Member of the Florida House of Representatives from the 27th district
- In office November 3, 1992 – November 8, 1994
- Preceded by: T. K. Wetherell (redistricting)
- Succeeded by: Evelyn J. Lynn

Personal details
- Born: December 12, 1960 (age 65) Daytona Beach, Florida
- Party: Democratic
- Spouse: Blair Bishop
- Education: University of Florida (B.S., J.D.)
- Occupation: Attorney

= Jimmy Charles (politician) =

American politician (born 1960)

Jimmy Charles (born December 12, 1960) is a Democratic politician and attorney from Florida who served as a member of the Florida House of Representatives from the 27th district from 1992 to 1994.

==Early life==
Charles was born in Daytona Beach, Florida, in 1960, and graduated from Seabreeze High School. He attended the University of Florida, graduating with his bachelor's degree in 1983 and his Juris Doctor in 1986. After graduating, Charles worked as an assistant attorney general, eventually becoming the senior assistant attorney general in the Florida Attorney General's Daytona Beach office.

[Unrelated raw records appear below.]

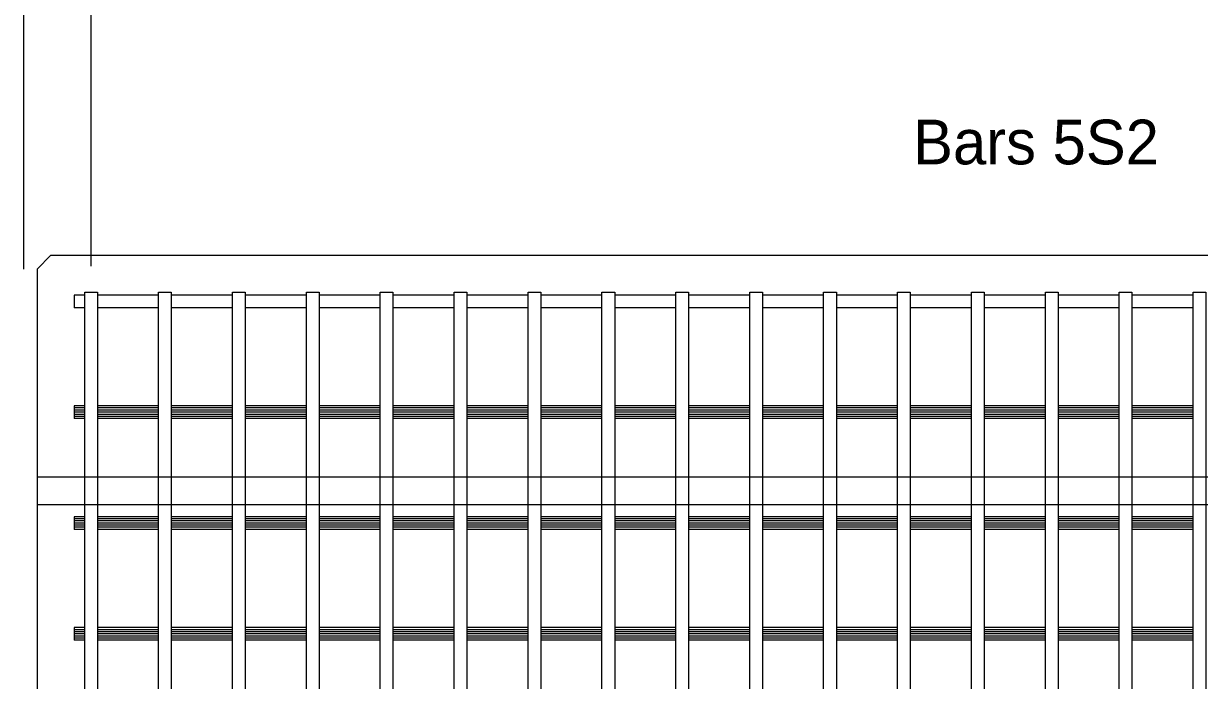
# Model space of a CAD drawing. Extents: x 120587.5 to 120659.6, y 120683.4 to 120715.5.
# Drawn here: x 120598.06 to 120603.37, y 120702.5 to 120705.47 of the extents above; entities that cross this region are included whole.
import ezdxf

# ---------------------------------------------------------------- set-up
doc = ezdxf.new("R2010")
doc.units = 0
for name, color, linetype in [('AdhocPoint_dp', 7, 'Continuous'), ('Border', 7, 'Continuous'), ('PlotBorder_dp', 7, 'Continuous'), ('SheetLines_dp', 7, 'Continuous'), ('TextMisc', 7, 'Continuous')]:
    doc.layers.add(name, color=color, linetype=linetype)

msp = doc.modelspace()

# ---------------------------------------------------------------- linework, layer by layer
at = {"layer": 'AdhocPoint_dp'}
msp.add_line((120598.3674, 120704.3707), (120598.3674, 120706.3004), dxfattribs=at)
at = {"layer": 'Border'}
for p, q in [((120598.2907, 120704.2407), (120598.2907, 120704.1834)), ((120598.3388, 120704.2407), (120598.2907, 120704.2407)), ((120598.6721, 120704.2407), (120598.3961, 120704.2407)), ((120599.0055, 120704.2407), (120598.7294, 120704.2407)), ((120599.3388, 120704.2407), (120599.0628, 120704.2407)), ((120599.6721, 120704.2407), (120599.3961, 120704.2407)), ((120600.0055, 120704.2407), (120599.7294, 120704.2407)), ((120600.3388, 120704.2407), (120600.0628, 120704.2407)), ((120600.6721, 120704.2407), (120600.3961, 120704.2407)), ((120601.0055, 120704.2407), (120600.7294, 120704.2407)), ((120601.3388, 120704.2407), (120601.0628, 120704.2407)), ((120601.6721, 120704.2407), (120601.3961, 120704.2407)), ((120602.0055, 120704.2407), (120601.7294, 120704.2407)), ((120602.3388, 120704.2407), (120602.0628, 120704.2407)), ((120602.6721, 120704.2407), (120602.3961, 120704.2407)), ((120603.0055, 120704.2407), (120602.7294, 120704.2407)), ((120603.3388, 120704.2407), (120603.0628, 120704.2407)), ((120598.3388, 120704.1834), (120598.2907, 120704.1834)), ((120598.6721, 120704.1834), (120598.3961, 120704.1834)), ((120599.0055, 120704.1834), (120598.7294, 120704.1834)), ((120599.3388, 120704.1834), (120599.0628, 120704.1834)), ((120599.6721, 120704.1834), (120599.3961, 120704.1834)), ((120600.0055, 120704.1834), (120599.7294, 120704.1834)), ((120600.3388, 120704.1834), (120600.0628, 120704.1834)), ((120600.6721, 120704.1834), (120600.3961, 120704.1834)), ((120601.0055, 120704.1834), (120600.7294, 120704.1834)), ((120601.3388, 120704.1834), (120601.0628, 120704.1834)), ((120601.6721, 120704.1834), (120601.3961, 120704.1834)), ((120602.0055, 120704.1834), (120601.7294, 120704.1834)), ((120602.3388, 120704.1834), (120602.0628, 120704.1834)), ((120602.6721, 120704.1834), (120602.3961, 120704.1834)), ((120603.0055, 120704.1834), (120602.7294, 120704.1834)), ((120603.3388, 120704.1834), (120603.0628, 120704.1834)), ((120598.2907, 120703.7407), (120598.2907, 120703.6834)), ((120598.3388, 120703.7407), (120598.2907, 120703.7407)), ((120598.3388, 120703.7311), (120598.2907, 120703.7311)), ((120598.3388, 120703.7216), (120598.2907, 120703.7216)), ((120598.3388, 120703.712), (120598.2907, 120703.712)), ((120598.6721, 120703.7407), (120598.3961, 120703.7407)), ((120598.6721, 120703.7311), (120598.3961, 120703.7311)), ((120598.6721, 120703.7216), (120598.3961, 120703.7216)), ((120598.6721, 120703.712), (120598.3961, 120703.712)), ((120599.0055, 120703.7407), (120598.7294, 120703.7407)), ((120599.0055, 120703.7311), (120598.7294, 120703.7311)), ((120599.0055, 120703.7216), (120598.7294, 120703.7216)), ((120599.0055, 120703.712), (120598.7294, 120703.712)), ((120599.3388, 120703.7407), (120599.0628, 120703.7407)), ((120599.3388, 120703.7311), (120599.0628, 120703.7311)), ((120599.3388, 120703.7216), (120599.0628, 120703.7216)), ((120599.3388, 120703.712), (120599.0628, 120703.712)), ((120599.6721, 120703.7407), (120599.3961, 120703.7407)), ((120599.6721, 120703.7311), (120599.3961, 120703.7311)), ((120599.6721, 120703.7216), (120599.3961, 120703.7216)), ((120599.6721, 120703.712), (120599.3961, 120703.712)), ((120600.0055, 120703.7407), (120599.7294, 120703.7407)), ((120600.0055, 120703.7311), (120599.7294, 120703.7311)), ((120600.0055, 120703.7216), (120599.7294, 120703.7216)), ((120600.0055, 120703.712), (120599.7294, 120703.712)), ((120600.3388, 120703.7407), (120600.0628, 120703.7407)), ((120600.3388, 120703.7311), (120600.0628, 120703.7311)), ((120600.3388, 120703.7216), (120600.0628, 120703.7216)), ((120600.3388, 120703.712), (120600.0628, 120703.712)), ((120600.6721, 120703.7407), (120600.3961, 120703.7407)), ((120600.6721, 120703.7311), (120600.3961, 120703.7311)), ((120600.6721, 120703.7216), (120600.3961, 120703.7216)), ((120600.6721, 120703.712), (120600.3961, 120703.712)), ((120601.0055, 120703.7407), (120600.7294, 120703.7407)), ((120601.0055, 120703.7311), (120600.7294, 120703.7311)), ((120601.0055, 120703.7216), (120600.7294, 120703.7216)), ((120601.0055, 120703.712), (120600.7294, 120703.712)), ((120601.3388, 120703.7407), (120601.0628, 120703.7407)), ((120601.3388, 120703.7311), (120601.0628, 120703.7311)), ((120601.3388, 120703.7216), (120601.0628, 120703.7216)), ((120601.3388, 120703.712), (120601.0628, 120703.712)), ((120601.6721, 120703.7407), (120601.3961, 120703.7407)), ((120601.6721, 120703.7311), (120601.3961, 120703.7311)), ((120601.6721, 120703.7216), (120601.3961, 120703.7216)), ((120601.6721, 120703.712), (120601.3961, 120703.712)), ((120602.0055, 120703.7407), (120601.7294, 120703.7407)), ((120602.0055, 120703.7311), (120601.7294, 120703.7311)), ((120602.0055, 120703.7216), (120601.7294, 120703.7216)), ((120602.0055, 120703.712), (120601.7294, 120703.712)), ((120602.3388, 120703.7407), (120602.0628, 120703.7407)), ((120602.3388, 120703.7311), (120602.0628, 120703.7311)), ((120602.3388, 120703.7216), (120602.0628, 120703.7216)), ((120602.3388, 120703.712), (120602.0628, 120703.712)), ((120602.6721, 120703.7407), (120602.3961, 120703.7407)), ((120602.6721, 120703.7311), (120602.3961, 120703.7311)), ((120602.6721, 120703.7216), (120602.3961, 120703.7216)), ((120602.6721, 120703.712), (120602.3961, 120703.712)), ((120603.0055, 120703.7407), (120602.7294, 120703.7407)), ((120603.0055, 120703.7311), (120602.7294, 120703.7311)), ((120603.0055, 120703.7216), (120602.7294, 120703.7216)), ((120603.0055, 120703.712), (120602.7294, 120703.712)), ((120603.3388, 120703.7407), (120603.0628, 120703.7407)), ((120603.3388, 120703.7311), (120603.0628, 120703.7311)), ((120603.3388, 120703.7216), (120603.0628, 120703.7216)), ((120603.3388, 120703.712), (120603.0628, 120703.712)), ((120598.3388, 120703.7025), (120598.2907, 120703.7025)), ((120598.3388, 120703.6929), (120598.2907, 120703.6929)), ((120598.3388, 120703.6834), (120598.2907, 120703.6834)), ((120598.6721, 120703.7025), (120598.3961, 120703.7025)), ((120598.6721, 120703.6929), (120598.3961, 120703.6929)), ((120598.6721, 120703.6834), (120598.3961, 120703.6834)), ((120599.0055, 120703.7025), (120598.7294, 120703.7025)), ((120599.0055, 120703.6929), (120598.7294, 120703.6929)), ((120599.0055, 120703.6834), (120598.7294, 120703.6834)), ((120599.3388, 120703.7025), (120599.0628, 120703.7025)), ((120599.3388, 120703.6929), (120599.0628, 120703.6929)), ((120599.3388, 120703.6834), (120599.0628, 120703.6834)), ((120599.6721, 120703.7025), (120599.3961, 120703.7025)), ((120599.6721, 120703.6929), (120599.3961, 120703.6929)), ((120599.6721, 120703.6834), (120599.3961, 120703.6834)), ((120600.0055, 120703.7025), (120599.7294, 120703.7025)), ((120600.0055, 120703.6929), (120599.7294, 120703.6929)), ((120600.0055, 120703.6834), (120599.7294, 120703.6834)), ((120600.3388, 120703.7025), (120600.0628, 120703.7025)), ((120600.3388, 120703.6929), (120600.0628, 120703.6929)), ((120600.3388, 120703.6834), (120600.0628, 120703.6834)), ((120600.6721, 120703.7025), (120600.3961, 120703.7025)), ((120600.6721, 120703.6929), (120600.3961, 120703.6929)), ((120600.6721, 120703.6834), (120600.3961, 120703.6834)), ((120601.0055, 120703.7025), (120600.7294, 120703.7025)), ((120601.0055, 120703.6929), (120600.7294, 120703.6929)), ((120601.0055, 120703.6834), (120600.7294, 120703.6834)), ((120601.3388, 120703.7025), (120601.0628, 120703.7025)), ((120601.3388, 120703.6929), (120601.0628, 120703.6929)), ((120601.3388, 120703.6834), (120601.0628, 120703.6834)), ((120601.6721, 120703.7025), (120601.3961, 120703.7025)), ((120601.6721, 120703.6929), (120601.3961, 120703.6929)), ((120601.6721, 120703.6834), (120601.3961, 120703.6834)), ((120602.0055, 120703.7025), (120601.7294, 120703.7025)), ((120602.0055, 120703.6929), (120601.7294, 120703.6929)), ((120602.0055, 120703.6834), (120601.7294, 120703.6834)), ((120602.3388, 120703.7025), (120602.0628, 120703.7025)), ((120602.3388, 120703.6929), (120602.0628, 120703.6929)), ((120602.3388, 120703.6834), (120602.0628, 120703.6834)), ((120602.6721, 120703.7025), (120602.3961, 120703.7025)), ((120602.6721, 120703.6929), (120602.3961, 120703.6929)), ((120602.6721, 120703.6834), (120602.3961, 120703.6834)), ((120603.0055, 120703.7025), (120602.7294, 120703.7025)), ((120603.0055, 120703.6929), (120602.7294, 120703.6929)), ((120603.0055, 120703.6834), (120602.7294, 120703.6834)), ((120603.3388, 120703.7025), (120603.0628, 120703.7025)), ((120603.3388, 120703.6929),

==Florida House of Representatives==
In 1992, State House Speaker T. K. Wetherell declined to seek re-election, and Charles ran to succeed him in the renumbered and redrawn 27th district. He faced Beebe White, a member of the Volusia County School Board, in the Democratic primary. Despite entering the race as "a virtual unknown," Charles defeated White, winning 63 percent of the vote to her 37 percent. No other candidate filed for the seat, and Charles won the general election unopposed.

Charles ran for re-election in 1994, and was challenged by Ormond Beach City Commissioner Evelyn Lynn. Two months before the general election, Charles was arrested for allegedly soliciting a sex worker as part of a police sting operation. He denied the charges, stating that he did "missionary work" in the district and mistakenly believed that the undercover officer was someone he had previously helped. However, financial support for his campaign decreased, and he lost the general election to Lynn by a wide margin, winning 41 percent of the vote to her 59 percent.

==Post-legislative career==
After leaving the legislature, Charles stood trial for solicitation of sex, and was acquitted on May 11, 1995.

In 1996, Charles announced that he would seek a rematch with Lynn. However, out of concern that Charles would jeopardize the party's chances of winning the seat, Governor Lawton Chiles persuaded attorney Ted Doran to end his campaign in the 28th district and instead run in the 27th district. Charles lost the Democratic primary to Doran, receiving 37 percent of the vote to Doran's 63 percent.

Charles subsequently sued the police departments in Daytona Beach Shores and Port Orange in federal court, arguing that his civil rights were violated when he was arrested. The lawsuit was dismissed by Judge G. Kendall Sharp of the Middle District of Florida, who concluded that the officers had probable cause to make the arrest.